Что с первых же строк ошарашивает в этой книге — издательская аннотация.
«Первое издание Леонида Цыпкина, вышедшее в переводе на английский язык, стало на Западе сенсацией. «Затерянный шедевр», «грандиозная веха русской литературы XX века», «самое неизвестное гениальное произведение, напечатанное в Америке за последние 50 лет» — таковы отзывы из посыпавшихся вслед рецензий. Именно о нем Сюзан Зонтаг написала так: «Этот роман я, ничуть не усомнившись, включила бы в число самых выдающихся, возвышенных и оригинальных достижений века, полного литературы и литературности — в самом широком смысле этого определения». В завораживающем ритме романа сплелись путешествие рассказчика из Москвы 70-х годов в Ленинград и путешествие Достоевского с женой Анной Григорьевной из Петербурга в Европу в 1867 году, вымысел в нем трудно отличить от реальности. В России имя автора, врача-патологоанатома, умершего в 1982 году, к сожалению, остается до сих пор неизвестным. Представляя читателю это замечательное произведение, редакция «НЛО» надеется закрыть эту лакуну».
Поди-ка ты — гениальное… У них Гоголи как грибы растут…

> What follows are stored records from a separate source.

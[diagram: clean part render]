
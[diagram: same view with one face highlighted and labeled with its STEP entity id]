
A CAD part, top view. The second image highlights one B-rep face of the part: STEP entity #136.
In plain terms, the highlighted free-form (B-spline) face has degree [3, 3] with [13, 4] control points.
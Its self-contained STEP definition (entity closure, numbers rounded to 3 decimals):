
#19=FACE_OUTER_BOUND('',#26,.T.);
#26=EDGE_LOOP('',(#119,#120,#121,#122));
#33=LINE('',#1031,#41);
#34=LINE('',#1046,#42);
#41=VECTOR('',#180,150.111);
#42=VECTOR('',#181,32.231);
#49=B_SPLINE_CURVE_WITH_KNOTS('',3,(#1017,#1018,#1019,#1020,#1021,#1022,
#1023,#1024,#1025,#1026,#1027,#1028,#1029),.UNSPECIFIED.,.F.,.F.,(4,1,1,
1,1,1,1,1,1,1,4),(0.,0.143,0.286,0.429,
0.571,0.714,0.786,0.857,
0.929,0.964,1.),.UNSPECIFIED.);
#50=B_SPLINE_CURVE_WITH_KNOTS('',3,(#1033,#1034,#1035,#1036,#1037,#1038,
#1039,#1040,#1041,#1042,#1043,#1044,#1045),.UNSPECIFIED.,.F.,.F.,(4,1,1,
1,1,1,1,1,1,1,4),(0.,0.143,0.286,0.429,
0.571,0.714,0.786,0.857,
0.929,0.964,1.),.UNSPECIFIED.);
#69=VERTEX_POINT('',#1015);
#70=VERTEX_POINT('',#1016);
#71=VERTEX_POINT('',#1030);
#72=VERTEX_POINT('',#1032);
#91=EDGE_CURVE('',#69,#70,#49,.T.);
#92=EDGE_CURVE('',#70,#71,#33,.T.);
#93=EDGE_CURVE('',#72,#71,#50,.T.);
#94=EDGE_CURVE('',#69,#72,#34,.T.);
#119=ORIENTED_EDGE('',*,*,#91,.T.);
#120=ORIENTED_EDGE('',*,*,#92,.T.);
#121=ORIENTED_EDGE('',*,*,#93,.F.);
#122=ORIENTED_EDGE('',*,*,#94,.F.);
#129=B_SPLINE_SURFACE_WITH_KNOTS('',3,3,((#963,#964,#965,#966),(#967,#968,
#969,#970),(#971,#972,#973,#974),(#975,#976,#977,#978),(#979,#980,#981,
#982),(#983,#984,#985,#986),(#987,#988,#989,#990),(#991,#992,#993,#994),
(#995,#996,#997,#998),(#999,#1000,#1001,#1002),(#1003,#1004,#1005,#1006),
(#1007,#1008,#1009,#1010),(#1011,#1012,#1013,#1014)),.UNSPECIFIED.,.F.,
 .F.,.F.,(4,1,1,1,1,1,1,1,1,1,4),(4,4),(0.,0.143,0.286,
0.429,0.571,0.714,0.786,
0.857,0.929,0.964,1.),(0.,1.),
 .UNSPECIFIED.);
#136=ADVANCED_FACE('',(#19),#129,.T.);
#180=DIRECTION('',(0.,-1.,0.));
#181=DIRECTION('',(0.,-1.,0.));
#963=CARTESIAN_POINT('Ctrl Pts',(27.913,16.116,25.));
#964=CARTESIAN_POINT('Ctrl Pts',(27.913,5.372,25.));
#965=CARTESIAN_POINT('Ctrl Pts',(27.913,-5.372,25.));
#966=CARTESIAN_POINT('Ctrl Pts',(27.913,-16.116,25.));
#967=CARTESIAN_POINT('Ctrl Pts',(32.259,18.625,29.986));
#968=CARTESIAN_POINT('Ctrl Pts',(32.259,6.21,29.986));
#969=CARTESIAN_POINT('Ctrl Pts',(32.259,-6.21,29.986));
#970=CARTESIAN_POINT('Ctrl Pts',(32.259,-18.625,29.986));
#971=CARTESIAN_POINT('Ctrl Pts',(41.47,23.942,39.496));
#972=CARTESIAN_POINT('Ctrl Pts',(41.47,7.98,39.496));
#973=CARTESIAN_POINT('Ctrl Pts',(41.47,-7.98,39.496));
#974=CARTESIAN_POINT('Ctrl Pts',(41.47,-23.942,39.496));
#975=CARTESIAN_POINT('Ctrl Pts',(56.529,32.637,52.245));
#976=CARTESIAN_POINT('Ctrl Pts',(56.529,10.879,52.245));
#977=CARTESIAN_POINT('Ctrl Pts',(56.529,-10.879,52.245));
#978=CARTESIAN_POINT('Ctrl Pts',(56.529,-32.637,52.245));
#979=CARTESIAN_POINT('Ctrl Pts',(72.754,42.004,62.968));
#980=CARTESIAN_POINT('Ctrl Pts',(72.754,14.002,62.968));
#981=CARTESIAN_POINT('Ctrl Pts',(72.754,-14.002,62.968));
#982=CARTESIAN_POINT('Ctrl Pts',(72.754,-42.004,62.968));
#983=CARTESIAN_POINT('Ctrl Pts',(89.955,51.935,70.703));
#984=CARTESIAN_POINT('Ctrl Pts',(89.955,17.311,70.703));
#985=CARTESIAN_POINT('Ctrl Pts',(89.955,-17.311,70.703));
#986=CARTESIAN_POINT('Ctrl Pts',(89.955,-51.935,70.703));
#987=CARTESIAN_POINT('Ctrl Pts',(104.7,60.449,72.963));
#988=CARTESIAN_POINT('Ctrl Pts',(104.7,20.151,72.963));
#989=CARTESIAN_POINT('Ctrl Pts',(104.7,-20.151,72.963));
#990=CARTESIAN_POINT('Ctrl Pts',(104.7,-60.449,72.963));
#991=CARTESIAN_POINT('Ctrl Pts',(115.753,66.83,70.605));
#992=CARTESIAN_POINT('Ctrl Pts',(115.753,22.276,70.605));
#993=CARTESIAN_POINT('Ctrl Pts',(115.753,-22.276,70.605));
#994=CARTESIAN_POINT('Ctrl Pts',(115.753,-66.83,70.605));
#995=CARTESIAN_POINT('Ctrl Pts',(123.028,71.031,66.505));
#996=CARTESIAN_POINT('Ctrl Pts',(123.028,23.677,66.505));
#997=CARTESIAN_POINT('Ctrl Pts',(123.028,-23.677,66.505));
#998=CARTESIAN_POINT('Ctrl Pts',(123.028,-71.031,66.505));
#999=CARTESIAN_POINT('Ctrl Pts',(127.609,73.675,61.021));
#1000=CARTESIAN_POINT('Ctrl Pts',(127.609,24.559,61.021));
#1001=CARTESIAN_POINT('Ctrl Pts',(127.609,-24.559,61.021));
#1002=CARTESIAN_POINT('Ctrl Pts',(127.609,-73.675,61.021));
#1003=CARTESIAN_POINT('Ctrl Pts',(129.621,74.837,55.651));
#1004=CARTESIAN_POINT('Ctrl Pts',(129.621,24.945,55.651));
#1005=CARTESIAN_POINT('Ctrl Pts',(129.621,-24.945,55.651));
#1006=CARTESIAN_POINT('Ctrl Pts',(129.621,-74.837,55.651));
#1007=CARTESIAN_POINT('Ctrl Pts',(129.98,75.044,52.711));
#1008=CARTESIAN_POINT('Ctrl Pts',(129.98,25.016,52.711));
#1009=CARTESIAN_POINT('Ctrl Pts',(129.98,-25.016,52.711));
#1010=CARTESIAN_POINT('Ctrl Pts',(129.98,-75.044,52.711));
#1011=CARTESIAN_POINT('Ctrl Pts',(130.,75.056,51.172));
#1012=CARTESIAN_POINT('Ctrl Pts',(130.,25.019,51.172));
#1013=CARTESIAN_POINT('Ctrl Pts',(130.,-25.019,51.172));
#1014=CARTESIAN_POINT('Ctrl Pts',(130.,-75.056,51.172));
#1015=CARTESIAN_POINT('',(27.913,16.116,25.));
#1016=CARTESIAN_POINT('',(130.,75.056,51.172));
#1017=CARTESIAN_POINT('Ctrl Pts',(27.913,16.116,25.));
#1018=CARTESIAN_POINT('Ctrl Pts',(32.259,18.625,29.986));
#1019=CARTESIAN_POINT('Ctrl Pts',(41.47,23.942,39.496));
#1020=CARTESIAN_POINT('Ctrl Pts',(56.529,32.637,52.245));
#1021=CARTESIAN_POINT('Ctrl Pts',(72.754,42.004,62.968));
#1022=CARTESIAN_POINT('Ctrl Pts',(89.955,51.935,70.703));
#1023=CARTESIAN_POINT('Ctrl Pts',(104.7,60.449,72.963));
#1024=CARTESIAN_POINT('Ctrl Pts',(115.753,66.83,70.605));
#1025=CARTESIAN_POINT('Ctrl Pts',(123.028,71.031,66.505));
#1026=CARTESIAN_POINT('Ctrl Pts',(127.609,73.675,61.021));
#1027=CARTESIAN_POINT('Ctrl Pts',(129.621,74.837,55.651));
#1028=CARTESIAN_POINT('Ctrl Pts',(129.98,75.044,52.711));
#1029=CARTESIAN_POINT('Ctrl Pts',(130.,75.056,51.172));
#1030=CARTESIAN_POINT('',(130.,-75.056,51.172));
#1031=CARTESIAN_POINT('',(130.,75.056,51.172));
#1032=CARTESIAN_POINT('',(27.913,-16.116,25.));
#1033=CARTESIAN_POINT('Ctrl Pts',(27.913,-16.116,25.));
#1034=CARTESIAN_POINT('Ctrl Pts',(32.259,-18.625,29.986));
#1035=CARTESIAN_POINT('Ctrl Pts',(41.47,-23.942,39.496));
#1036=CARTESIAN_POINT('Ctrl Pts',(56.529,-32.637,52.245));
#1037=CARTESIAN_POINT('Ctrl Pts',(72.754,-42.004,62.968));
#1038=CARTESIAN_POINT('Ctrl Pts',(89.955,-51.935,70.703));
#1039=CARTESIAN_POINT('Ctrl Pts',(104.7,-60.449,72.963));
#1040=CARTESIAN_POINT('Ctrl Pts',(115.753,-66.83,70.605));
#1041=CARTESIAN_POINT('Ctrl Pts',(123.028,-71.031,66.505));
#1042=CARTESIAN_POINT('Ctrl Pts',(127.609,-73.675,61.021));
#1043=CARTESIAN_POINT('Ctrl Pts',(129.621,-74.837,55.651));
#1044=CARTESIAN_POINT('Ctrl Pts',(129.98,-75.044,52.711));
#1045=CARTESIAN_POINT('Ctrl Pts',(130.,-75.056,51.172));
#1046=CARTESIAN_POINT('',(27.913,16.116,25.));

И на следующей же странице предисловие той самой американской писательницы и эссеистки Сюзан Зонтаг. Предисловие начинается с совершенно голливудской истории, как сама Сюзан случайно открыла — не то что забытого — незамеченного гения, перебирая потрепанные обложки на одном из книжных развалов лондонской Чэринг-Кросс-Роуд. Дальше рассказывается действительно трогательная история советского еврея, влюбленного в Достоевского и вообще в русскую литературу, годами безнадежно пишущего даже и не в самиздат — в стол, зарабатывая на жизнь вскрытиями трупов. Вскрытия, впрочем, протекали вполне успешно, и во благовремении доктор Цыпкин получил докторскую степень вместе с причитающейся должностью и зарплатой — по советским меркам, очень даже неплохой. Однако отъезд сына в США сокрушил и материальную базу литератора-неудачника: его перевели в мэнээсы, зарплата сократилась втрое. Не выдержав унижения, Цыпкин-старший через два года тоже подал заявление на выезд, еще через два года получил отказ, уничтоживший последние призрачные шансы на хоть какое-нибудь литературное существованьице в тысячелетнем Советском рейхе. «Оставалась надежда на публикацию за рубежом, — заключает Сюзан Зонтаг, — так поступали в ту эпоху лучшие писатели».
И эта фраза отрезвляющим холодным душем проливается на растекшееся было по телу тепло доверия: так по какой же, стало быть, шкале здесь измеряют литературное качество, если в «лучшие писатели» не попадают Казаков, Трифонов, Шукшин, Белов, Астафьев, ничего не печатавшие за рубежом?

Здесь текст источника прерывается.